Plotting with Seaborn#

In this notebook, we’ll explore how to create beautiful and informative plots using Seaborn, a statistical data visualization library built on top of Matplotlib. Seaborn provides a high-level interface for drawing attractive and informative statistical graphics.

First, let’s import the necessary libraries and set the style for our plots.

import numpy as np
import pandas as pd
import matplotlib.pyplot as plt
import seaborn as sns

# Set the style for our plots
sns.set_style("whitegrid")

Now, let’s create some sample data to work with. We’ll use Pandas to create a DataFrame with random data.

np.random.seed(0)
df = pd.DataFrame({
    'x': np.random.randn(100),
    'y': np.random.randn(100),
    'category': np.random.choice(['A', 'B', 'C'], 100)
})
df.head()
x y category
0 1.764052 1.883151 A
1 0.400157 -1.347759 C
2 0.978738 -1.270485 B
3 2.240893 0.969397 C
4 1.867558 -1.173123 B

Let’s start with a simple scatter plot using Seaborn’s scatterplot function.

plt.figure(figsize=(10, 6))
sns.scatterplot(data=df, x='x', y='y', hue='category')
plt.title('Scatter Plot')
plt.show()
_images/4bf5d02c2041d82c13b81f75516f37443104330bd8d4d8ff3634b11a8b2b65f1.png

Next, let’s create a box plot to visualize the distribution of ‘x’ for each category.

plt.figure(figsize=(10, 6))
sns.boxplot(data=df, x='category', y='x')
plt.title('Box Plot')
plt.show()
_images/3c704d38c4f9b9645e7ddab7945c2f62ed2bed8847b7ebc386308c01696ad71d.png

Now, let’s create a violin plot, which combines a box plot with a kernel density estimation.
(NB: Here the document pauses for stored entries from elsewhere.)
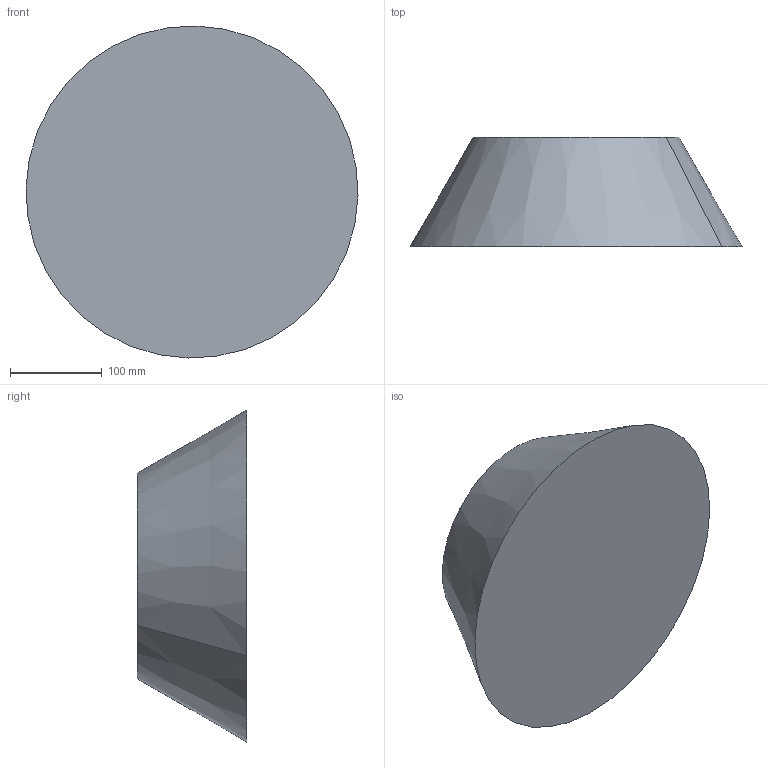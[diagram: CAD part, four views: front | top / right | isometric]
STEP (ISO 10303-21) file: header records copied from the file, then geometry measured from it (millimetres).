
FILE_DESCRIPTION(('CATIA V5 STEP Exchange'),'2;1');
FILE_NAME('C:\_Andres\UNIVERSIDAD\IQS\ASIGNATURAS\DAO\EXF\EXF-16172c\2inicio\Marra-Lopez_Llovet_Ej09_v19.stp','2017-03-05T22:13:12+00:00',('none'),('none'),'CATIA Version 5-6 Release 2014 SP1 HF18','CATIA V5 STEP AP203','none');
FILE_SCHEMA(('CONFIG_CONTROL_DESIGN'));
Length unit declared in the file: millimetre
Products named in the file (1): Marra-Lopez_Llovet_Ej09_v19
Bounding box: 361.9 x 119 x 361.9 mm (x, y, z)
Volume: 8179038.3 mm3; surface area: 271348 mm2
Topology: 1 solids, 2 shells, 8 faces, 12 edges, 8 vertices
Faces by surface type: plane 4, cone 2, cylinder 2
Entity records: 205 total; most frequent: CARTESIAN_POINT 27, DIRECTION 24, ORIENTED_EDGE 24, AXIS2_PLACEMENT_3D 15, EDGE_CURVE 12, ADVANCED_FACE 8, CIRCLE 8, EDGE_LOOP 8
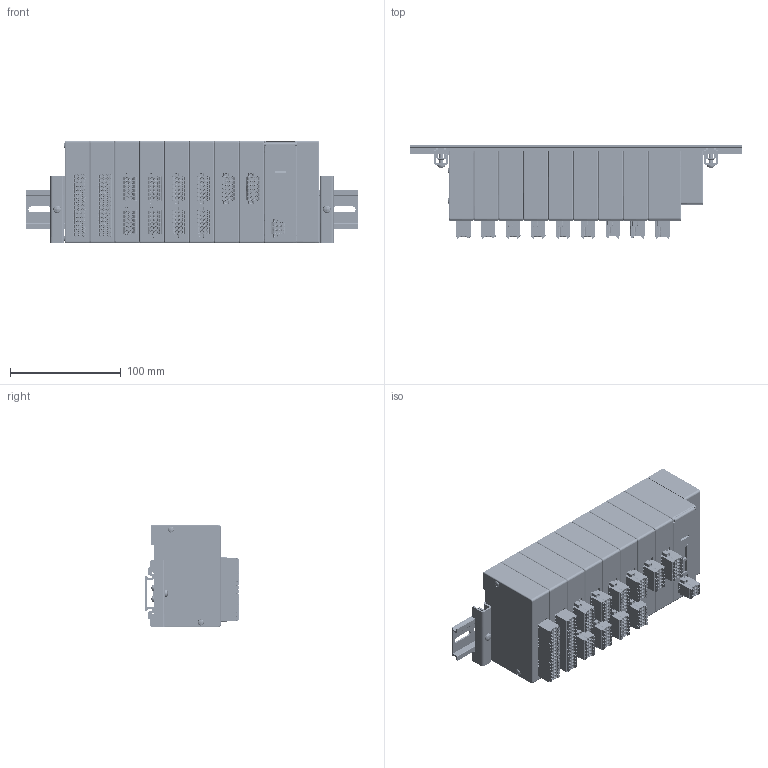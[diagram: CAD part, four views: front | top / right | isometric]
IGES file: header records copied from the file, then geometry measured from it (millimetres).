
Start section: ------------------------------------------------------------------------
Bounding box: 300 x 84.4 x 93 mm (x, y, z)
Volume: 1341063.7 mm3; surface area: 279457.3 mm2
Topology: 12 solids, 12 shells, 12559 faces, 32865 edges, 21189 vertices
Faces by surface type: bspline 12559
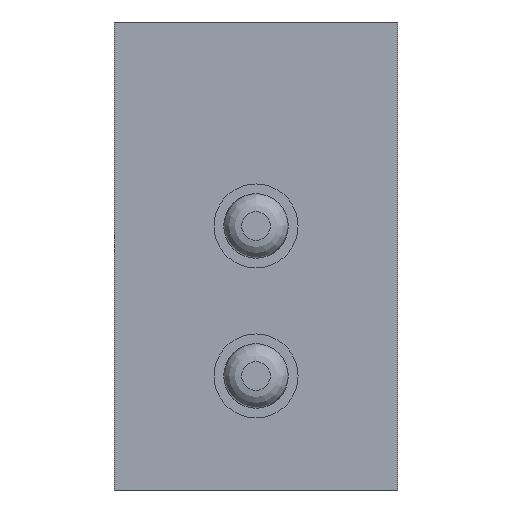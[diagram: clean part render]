
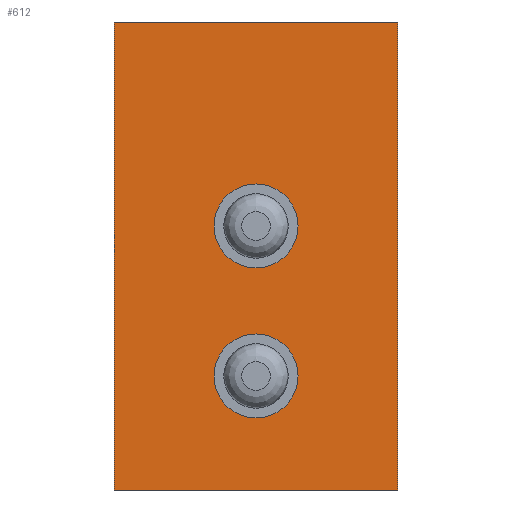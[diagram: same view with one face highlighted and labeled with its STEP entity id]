
A CAD part, front view. The second image highlights one B-rep face of the part: STEP entity #612.
In plain terms, the highlighted planar face has unit normal (0, -1, 0).
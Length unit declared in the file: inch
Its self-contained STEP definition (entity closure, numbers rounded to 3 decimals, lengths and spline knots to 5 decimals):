
#72=FACE_OUTER_BOUND('',#116,.T.);
#116=EDGE_LOOP('',(#429,#430,#431,#432));
#158=LINE('',#937,#215);
#162=LINE('',#945,#219);
#165=LINE('',#951,#222);
#168=LINE('',#956,#225);
#215=VECTOR('',#742,0.3937);
#219=VECTOR('',#748,0.3937);
#222=VECTOR('',#753,0.3937);
#225=VECTOR('',#758,0.3937);
#272=VERTEX_POINT('',#935);
#273=VERTEX_POINT('',#936);
#276=VERTEX_POINT('',#944);
#278=VERTEX_POINT('',#950);
#326=EDGE_CURVE('',#272,#273,#158,.T.);
#330=EDGE_CURVE('',#273,#276,#162,.T.);
#333=EDGE_CURVE('',#276,#278,#165,.T.);
#336=EDGE_CURVE('',#278,#272,#168,.T.);
#429=ORIENTED_EDGE('',*,*,#336,.T.);
#430=ORIENTED_EDGE('',*,*,#326,.T.);
#431=ORIENTED_EDGE('',*,*,#330,.T.);
#432=ORIENTED_EDGE('',*,*,#333,.T.);
#580=PLANE('',#675);
#612=ADVANCED_FACE('',(#72),#580,.F.);
#675=AXIS2_PLACEMENT_3D('',#959,#762,#763);
#742=DIRECTION('',(0.,0.,-1.));
#748=DIRECTION('',(1.,0.,0.));
#753=DIRECTION('',(0.,0.,1.));
#758=DIRECTION('',(-1.,0.,0.));
#762=DIRECTION('center_axis',(0.,1.,0.));
#763=DIRECTION('ref_axis',(1.,0.,0.));
#935=CARTESIAN_POINT('',(-0.11811,0.,0.195));
#936=CARTESIAN_POINT('',(-0.11811,0.,-0.195));
#937=CARTESIAN_POINT('',(-0.11811,0.,0.195));
#944=CARTESIAN_POINT('',(0.11811,0.,-0.195));
#945=CARTESIAN_POINT('',(-0.11811,0.,-0.195));
#950=CARTESIAN_POINT('',(0.11811,0.,0.195));
#951=CARTESIAN_POINT('',(0.11811,0.,-0.195));
#956=CARTESIAN_POINT('',(0.11811,0.,0.195));
#959=CARTESIAN_POINT('Origin',(0.,0.,0.));

plt.figure(figsize=(10, 6))
sns.violinplot(data=df, x='category', y='y')
plt.title('Violin Plot')
plt.show()
_images/5390fc084f7141cb98083a683fb3a187b8ae58e9b34adc5a07064e7b113f130a.png

Let’s create a pair plot to visualize relationships between multiple variables at once.

sns.pairplot(df, hue='category')
plt.suptitle('Pair Plot', y=1.02)
plt.show()
_images/7f75cb78905b50a3aac5644c315d900fdf5a4a81ff4cdbb7a4bdc7399f782748.png

Finally, let’s create a heatmap to visualize the correlation between variables.

correlation = df[['x', 'y']].corr()
plt.figure(figsize=(8, 6))
sns.heatmap(correlation, annot=True, cmap='coolwarm')
plt.title('Correlation Heatmap')
plt.show()
_images/d2b24f5f21b908007e8766d8727c1c654afdfbc5c27292b88c5d1adceb14b50d.png

This concludes our introduction to plotting with Seaborn. We’ve covered several types of plots, including scatter plots, box plots, violin plots, pair plots, and heatmaps. Seaborn offers many more plot types and customization options, which you can explore in the official documentation.